Si lo que dicen los humoristas es verdad, que el humor es tragedia más tiempo, la del soldado americano Marcus McDilda es una historia de humor. Prisionero de los japoneses, el tipo mintió de manera increíble. Pero le creyeron. Eso salvó su vida y engañó un poquito a sus carceleros. En dos días soportó más torturas, pocas, y golpes, muchos, de los que había sufrido y sufriría en el resto de su vida. Después, lo salvó su enorme mentira y el azar.

El primer teniente McDilda tenía veintitrés años cuando cayó en manos japonesas el 8 de agosto de 1945 en la ciudad de Osaka. Era piloto de un caza Mustang P-51, que, dicho en pocas palabras, era un avionazo. Había sido diseñado en 1940, era de largo alcance, pequeño, ágil y mortal. Había servido como escolta de los bombarderos británicos y estadounidenses que habían atacado a la Alemania nazi y había llegado al Pacífico en 1944, cuando la campaña de las Filipinas. Enseguida se mostró como un avión superior a cualquier rival japonés; no era un bombardero, pero tampoco era un avión inocente: ametrallaba al enemigo, tropas y transportes, en medio de una oleada furiosa de ataques aliados contra Japón, que había perdido ya la guerra pero se negaba a la rendición.

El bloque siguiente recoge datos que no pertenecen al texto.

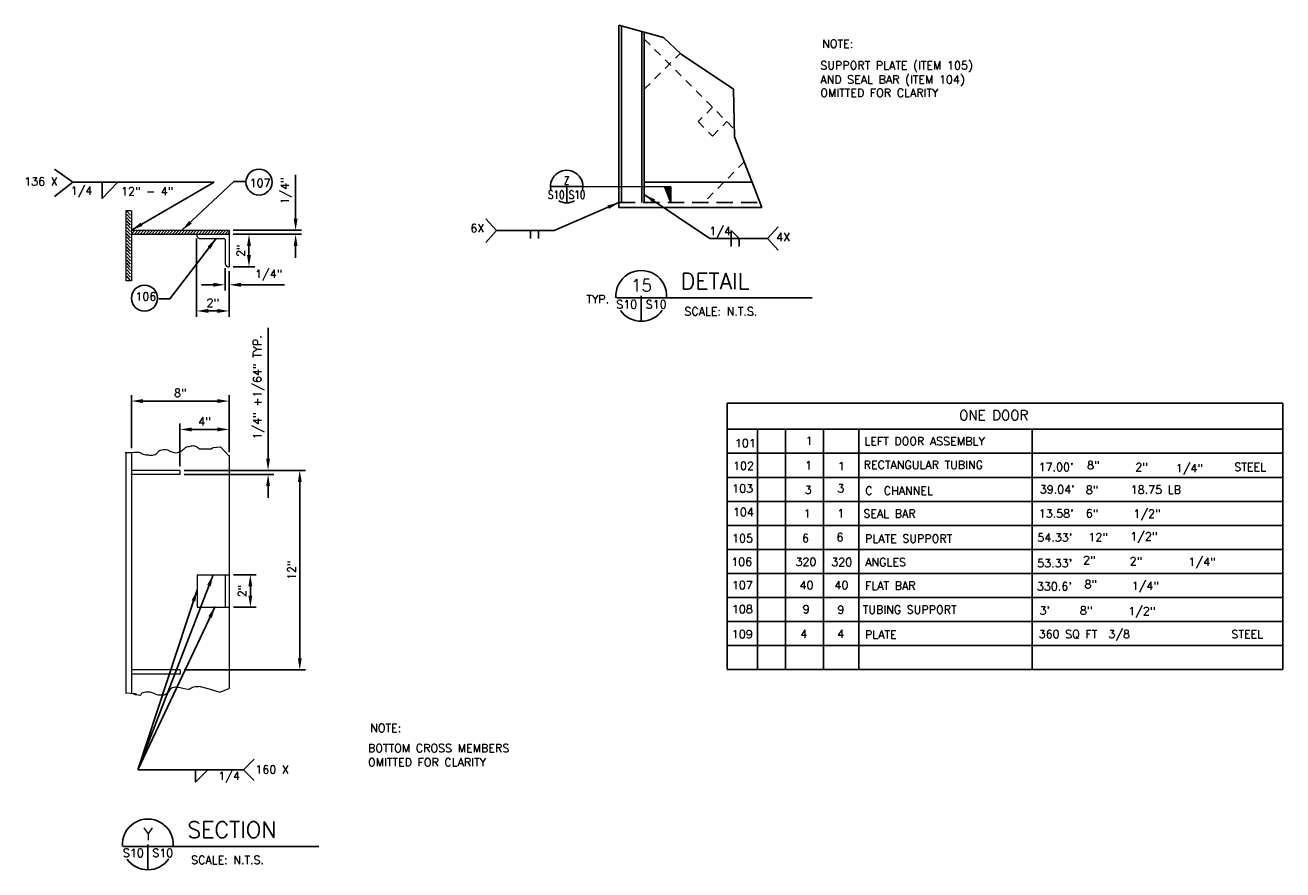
# Model space of a CAD drawing. Header units: inches. Extents: x -2167.2 to -2076.9, y -1198.8 to -1110.4.
# Tile 3 of 6: x -2149.1 to -2129.8, y -1136.4 to -1123.4. Entities that reach past the tile are written whole.
import ezdxf
from ezdxf.enums import TextEntityAlignment as Align

# ---------------------------------------------------------------- set-up
doc = ezdxf.new("R2010")
doc.units = ezdxf.units.IN
doc.header["$MEASUREMENT"] = 0
doc.linetypes.add('CENTER', pattern=[2, 1.25, -0.25, 0.25, -0.25])
doc.linetypes.add('HIDDEN', pattern=[0.375, 0.25, -0.125])
doc.layers.get('0').update_dxf_attribs({"lineweight": 0})
for name, color, linetype, lineweight in [('1', 7, 'Continuous', 0), ('2', 7, 'Continuous', 0), ('46', 7, 'Continuous', 0)]:
    doc.layers.add(name, color=color, linetype=linetype, lineweight=lineweight)
for name, color, linetype in [('CENTERBLOCK', 7, 'CENTER'), ('COM-CALLOUT', 7, 'Continuous'), ('COM-DIMS', 2, 'Continuous'), ('COM-TBL-LINE', 4, 'Continuous'), ('COM-TBL-TXT', 6, 'Continuous'), ('HIDDENBLOCK', 7, 'HIDDEN'), ('S-ANNO-TEXT-LW10', 2, 'Continuous'), ('S-ANNO-TEXT-LW20', 1, 'Continuous'), ('S-ANNO-TEXT-LW28', 7, 'Continuous')]:
    doc.layers.add(name, color=color, linetype=linetype)
doc.styles.add('SIMPLEX', font='simplex.shx')
doc.styles.get("Standard").update_dxf_attribs({"font": 'simplex.shx'})
doc.styles.add('TIGHT', font='SIMPLEX', dxfattribs={"width": 0.85})
doc.dimstyles.new('DIM', dxfattribs={"dimtxt": 0.125, "dimasz": 0.18, "dimexe": 0.09, "dimexo": 0.0625, "dimgap": 0.05, "dimtad": 1, "dimdec": 0, "dimzin": 0, "dimdsep": 46, "dimlunit": 4, "dimtxsty": 'SIMPLEX', "dimcen": 0.09, "dimadec": 0, "dimazin": 0, "dimtfac": 1, "dimtdec": 0, "dimtofl": 0, "dimtmove": 0, "dimatfit": 3, "dimfxl": 0, "dimfrac": 1, "dimtolj": 1, "dimtzin": 0, "dimarcsym": 0})

# ---------------------------------------------------------------- blocks, each defined once
blk = doc.blocks.new('SCTAIL')
at = {"layer": '2', "color": 7, "linetype": 'Continuous', "lineweight": 0}
for p, q in [((-0.000021, 0.002604), (-0.003969, 0.002604)), ((-0.003969, 0.002604), (-0.000021, 0.001042)), ((-0.003646, 0.002604), (-0.000021, 0.001167)), ((-0.003302, 0.002604), (-0.000021, 0.001302)), ((-0.003063, 0.002604), (-0.000021, 0.001396)), ((-0.002688, 0.002604), (-0.000021, 0.001542)), ((-0.002333, 0.002604), (-0.000021, 0.001687)), ((-0.001906, 0.002604), (-0.000021, 0.001854)), ((-0.001625, 0.002604), (-0.000021, 0.001969)), ((-0.001292, 0.002604), (-0.000021, 0.002094)), ((-0.00099, 0.002604), (-0.000021, 0.002219)), ((-0.000688, 0.002604), (-0.000021, 0.002333)), ((-0.000479, 0.002604), (-0.000021, 0.002417)), ((-0.000198, 0.002604), (-0.000021, 0.002531)), ((-0.000021, 0.002604), (-0.000021, -0.001354))]:
    blk.add_line(p, q, dxfattribs=at)
blk = doc.blocks.new('*D39')
at = {"layer": 'COM-DIMS', "color": 0, "lineweight": -2}
for p, q in [((-2144.986, -1126.398), (-2144.986, -1125.725)), ((-2145.945, -1126.578), (-2144.896, -1126.578)), ((-2145.945, -1126.64), (-2144.896, -1126.64)), ((-2144.986, -1126.82), (-2144.986, -1127))]:
    blk.add_line(p, q, dxfattribs=at)
at = {"layer": 'COM-DIMS', "color": 0}
for points in [[(-2145.016, -1126.398), (-2144.956, -1126.398), (-2144.986, -1126.578)], [(-2145.016, -1126.82), (-2144.956, -1126.82), (-2144.986, -1126.64)]]:
    blk.add_solid(points, dxfattribs=at)
at = {"layer": 'DEFPOINTS', "color": 0}
for p in [(-2146.008, -1126.578), (-2146.008, -1126.64), (-2144.986, -1126.578)]:
    blk.add_point(p, dxfattribs=at)
at = {"layer": 'COM-DIMS', "color": 0, "insert": (-2145.132, -1125.972), "char_height": 0.125, "attachment_point": 5, "rotation": 90, "style": 'SIMPLEX'}
blk.add_mtext('\\A1;1/4"', dxfattribs=at)
blk = doc.blocks.new('*D40')
at = {"layer": 'COM-DIMS', "color": 0, "lineweight": -2}
for p, q in [((-2146.07, -1127.161), (-2146.07, -1127.506)), ((-2146.007, -1127.207), (-2146.007, -1127.506)), ((-2146.25, -1127.416), (-2146.43, -1127.416)), ((-2145.827, -1127.416), (-2145.155, -1127.416))]:
    blk.add_line(p, q, dxfattribs=at)
at = {"layer": 'COM-DIMS', "color": 0}
for points in [[(-2146.25, -1127.386), (-2146.25, -1127.446), (-2146.07, -1127.416)], [(-2145.827, -1127.386), (-2145.827, -1127.446), (-2146.007, -1127.416)]]:
    blk.add_solid(points, dxfattribs=at)
at = {"layer": 'DEFPOINTS', "color": 0}
for p in [(-2146.07, -1127.098), (-2146.007, -1127.144), (-2146.007, -1127.416)]:
    blk.add_point(p, dxfattribs=at)
at = {"layer": 'COM-DIMS', "color": 0, "insert": (-2145.401, -1127.27), "char_height": 0.125, "attachment_point": 5, "style": 'SIMPLEX'}
blk.add_mtext('\\A1;1/4"', dxfattribs=at)
blk = doc.blocks.new('*D41')
at = {"layer": 'COM-DIMS', "color": 0, "lineweight": -2}
for p, q in [((-2145.945, -1126.64), (-2145.612, -1126.64)), ((-2145.702, -1126.961), (-2145.702, -1126.82)), ((-2145.945, -1127.141), (-2145.612, -1127.141))]:
    blk.add_line(p, q, dxfattribs=at)
at = {"layer": 'COM-DIMS', "color": 0}
for points in [[(-2145.732, -1126.82), (-2145.672, -1126.82), (-2145.702, -1126.64)], [(-2145.732, -1126.961), (-2145.672, -1126.961), (-2145.702, -1127.141)]]:
    blk.add_solid(points, dxfattribs=at)
at = {"layer": 'DEFPOINTS', "color": 0}
for p in [(-2146.008, -1126.64), (-2145.702, -1126.64), (-2146.007, -1127.141)]:
    blk.add_point(p, dxfattribs=at)
at = {"layer": 'COM-DIMS', "color": 0, "insert": (-2145.827, -1126.891), "char_height": 0.125, "attachment_point": 5, "rotation": 90, "style": 'SIMPLEX'}
blk.add_mtext('\\A1;2"', dxfattribs=at)
blk = doc.blocks.new('*D42')
at = {"layer": 'COM-DIMS', "color": 0, "lineweight": -2}
for p, q in [((-2146.507, -1126.703), (-2146.507, -1127.908)), ((-2146.007, -1127.207), (-2146.007, -1127.908)), ((-2146.327, -1127.818), (-2146.187, -1127.818))]:
    blk.add_line(p, q, dxfattribs=at)
at = {"layer": 'COM-DIMS', "color": 0}
for points in [[(-2146.327, -1127.788), (-2146.327, -1127.848), (-2146.507, -1127.818)], [(-2146.187, -1127.788), (-2146.187, -1127.848), (-2146.007, -1127.818)]]:
    blk.add_solid(points, dxfattribs=at)
at = {"layer": 'DEFPOINTS', "color": 0}
for p in [(-2146.507, -1126.641), (-2146.007, -1127.144), (-2146.007, -1127.818)]:
    blk.add_point(p, dxfattribs=at)
at = {"layer": 'COM-DIMS', "color": 0, "insert": (-2146.257, -1127.693), "char_height": 0.125, "attachment_point": 5, "style": 'SIMPLEX'}
blk.add_mtext('\\A1;2"', dxfattribs=at)
blk = doc.blocks.new('*D43')
at = {"layer": 'COM-DIMS', "color": 0, "lineweight": -2}
for p, q in [((-2146.762, -1130.204), (-2146.762, -1129.548)), ((-2146.007, -1129.985), (-2146.007, -1129.548)), ((-2146.187, -1129.638), (-2146.582, -1129.638))]:
    blk.add_line(p, q, dxfattribs=at)
at = {"layer": 'COM-DIMS', "color": 0}
for points in [[(-2146.582, -1129.608), (-2146.582, -1129.668), (-2146.762, -1129.638)], [(-2146.187, -1129.608), (-2146.187, -1129.668), (-2146.007, -1129.638)]]:
    blk.add_solid(points, dxfattribs=at)
at = {"layer": 'DEFPOINTS', "color": 0}
for p in [(-2146.762, -1129.638), (-2146.007, -1130.047), (-2146.762, -1130.267)]:
    blk.add_point(p, dxfattribs=at)
at = {"layer": 'COM-DIMS', "color": 0, "insert": (-2146.385, -1129.514), "char_height": 0.125, "attachment_point": 5, "style": 'SIMPLEX'}
blk.add_mtext('\\A1;4"', dxfattribs=at)
blk = doc.blocks.new('*D44')
at = {"layer": 'COM-DIMS', "color": 0, "lineweight": -2}
for p, q in [((-2147.507, -1129.927), (-2147.507, -1129.112)), ((-2146.007, -1129.985), (-2146.007, -1129.112)), ((-2146.187, -1129.202), (-2147.327, -1129.202))]:
    blk.add_line(p, q, dxfattribs=at)
at = {"layer": 'COM-DIMS', "color": 0}
for points in [[(-2147.327, -1129.172), (-2147.327, -1129.232), (-2147.507, -1129.202)], [(-2146.187, -1129.172), (-2146.187, -1129.232), (-2146.007, -1129.202)]]:
    blk.add_solid(points, dxfattribs=at)
at = {"layer": 'DEFPOINTS', "color": 0}
for p in [(-2147.507, -1129.202), (-2147.507, -1129.99), (-2146.007, -1130.047)]:
    blk.add_point(p, dxfattribs=at)
at = {"layer": 'COM-DIMS', "color": 0, "insert": (-2146.757, -1129.078), "char_height": 0.125, "attachment_point": 5, "style": 'SIMPLEX'}
blk.add_mtext('\\A1;8"', dxfattribs=at)
blk = doc.blocks.new('*D45')
at = {"layer": 'COM-DIMS', "color": 0, "lineweight": -2}
for p, q in [((-2145.409, -1130.087), (-2145.409, -1128.075)), ((-2146.699, -1130.267), (-2145.319, -1130.267)), ((-2146.699, -1130.329), (-2145.319, -1130.329)), ((-2145.409, -1130.509), (-2145.409, -1130.689))]:
    blk.add_line(p, q, dxfattribs=at)
at = {"layer": 'COM-DIMS', "color": 0}
for points in [[(-2145.439, -1130.087), (-2145.379, -1130.087), (-2145.409, -1130.267)], [(-2145.439, -1130.509), (-2145.379, -1130.509), (-2145.409, -1130.329)]]:
    blk.add_solid(points, dxfattribs=at)
at = {"layer": 'DEFPOINTS', "color": 0}
for p in [(-2146.762, -1130.267), (-2145.409, -1130.267), (-2146.762, -1130.329)]:
    blk.add_point(p, dxfattribs=at)
at = {"layer": 'COM-DIMS', "color": 0, "insert": (-2145.554, -1128.991), "char_height": 0.125, "attachment_point": 5, "rotation": 90, "style": 'SIMPLEX'}
blk.add_mtext('\\A1;1/4" +1/64" TYP.', dxfattribs=at)
blk = doc.blocks.new('*D46')
at = {"layer": 'COM-DIMS', "color": 0, "lineweight": -2}
for p, q in [((-2146.699, -1130.267), (-2144.832, -1130.267)), ((-2144.922, -1130.447), (-2144.922, -1133.153)), ((-2146.696, -1133.333), (-2144.832, -1133.333))]:
    blk.add_line(p, q, dxfattribs=at)
at = {"layer": 'COM-DIMS', "color": 0}
for points in [[(-2144.952, -1130.447), (-2144.892, -1130.447), (-2144.922, -1130.267)], [(-2144.952, -1133.153), (-2144.892, -1133.153), (-2144.922, -1133.333)]]:
    blk.add_solid(points, dxfattribs=at)
at = {"layer": 'DEFPOINTS', "color": 0}
for p in [(-2146.762, -1130.267), (-2146.758, -1133.333), (-2144.922, -1133.333)]:
    blk.add_point(p, dxfattribs=at)
at = {"layer": 'COM-DIMS', "color": 0, "insert": (-2145.047, -1131.8), "char_height": 0.125, "attachment_point": 5, "rotation": 90, "style": 'SIMPLEX'}
blk.add_mtext('\\A1;12"', dxfattribs=at)
blk = doc.blocks.new('*D47')
at = {"layer": 'COM-DIMS', "color": 0, "lineweight": -2}
for p, q in [((-2145.942, -1131.869), (-2145.591, -1131.869)), ((-2145.681, -1132.189), (-2145.681, -1132.049)), ((-2145.942, -1132.369), (-2145.591, -1132.369))]:
    blk.add_line(p, q, dxfattribs=at)
at = {"layer": 'COM-DIMS', "color": 0}
for points in [[(-2145.711, -1132.049), (-2145.651, -1132.049), (-2145.681, -1131.869)], [(-2145.711, -1132.189), (-2145.651, -1132.189), (-2145.681, -1132.369)]]:
    blk.add_solid(points, dxfattribs=at)
at = {"layer": 'DEFPOINTS', "color": 0}
for p in [(-2146.005, -1131.869), (-2145.681, -1131.869), (-2146.005, -1132.369)]:
    blk.add_point(p, dxfattribs=at)
at = {"layer": 'COM-DIMS', "color": 0, "insert": (-2145.806, -1132.119), "char_height": 0.125, "attachment_point": 5, "rotation": 90, "style": 'SIMPLEX'}
blk.add_mtext('\\A1;2"', dxfattribs=at)
blk = doc.blocks.new('DETTAG')
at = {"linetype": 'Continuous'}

Cuando McDilda cayó en manos japonesas, hacía dos días que Hiroshima ardía bajo el fuego atómico y el alto mando japonés, sus oficiales superiores y subalternos y hasta el más inexperto de los civiles, se preguntaba qué era aquella arma nueva, desconocida y letal que lo destruía todo a través de la alteración del átomo. A McDilda le vendaron los ojos y lo pasearon un rato largo por Osaka, para que centenares de civiles le pegaran a destajo, lo escupieran de arriba abajo y le maldijeran a todos sus antepasados, antes de encerrarlo en los cuarteles de la Kempeitai, la temible policía militar japonesa, experta en torturas. Con Hiroshima en llamas y un piloto americano en sus manos los interrogadores japoneses creyeron tener un diamante en bruto como prisionero.

Los primeros interrogatorios, que incluyeron algunos cortes precisos a cuchillo, nada grave, nada que comprometiera la vida de aquella joya, incluyeron dos preguntas clave: qué era y en qué consistía aquella poderosa bomba atómica y cuántas había en el arsenal de los norteamericanos. Deseoso de salvar su vida, al menos de evitar mayores daños en su cuerpo joven, es probable que McDilda hubiese dicho cuanto sabía. Pero no sabía nada, no tenía idea sobre el átomo y mucho menos podía conocer la capacidad de producción y almacenamiento de armas atómicas en Estados Unidos.

Sin saber qué decir por ignorancia absoluta, McDilda vio acercarse a un oficial japonés que desenvainó su katana, su espada ritual, le hizo con ella un corte leve en la cara, miró deleitado cómo corría la sangre sobre su odiado enemigo y le dijo: “Si no hablás, te decapito”. Ante semejante oferta, en verdad más alternativa que ofrecimiento, McDilda habló. Y mintió, mintió mucho con esa lúcida capacidad que tiene el terror de desarrollar la imaginación.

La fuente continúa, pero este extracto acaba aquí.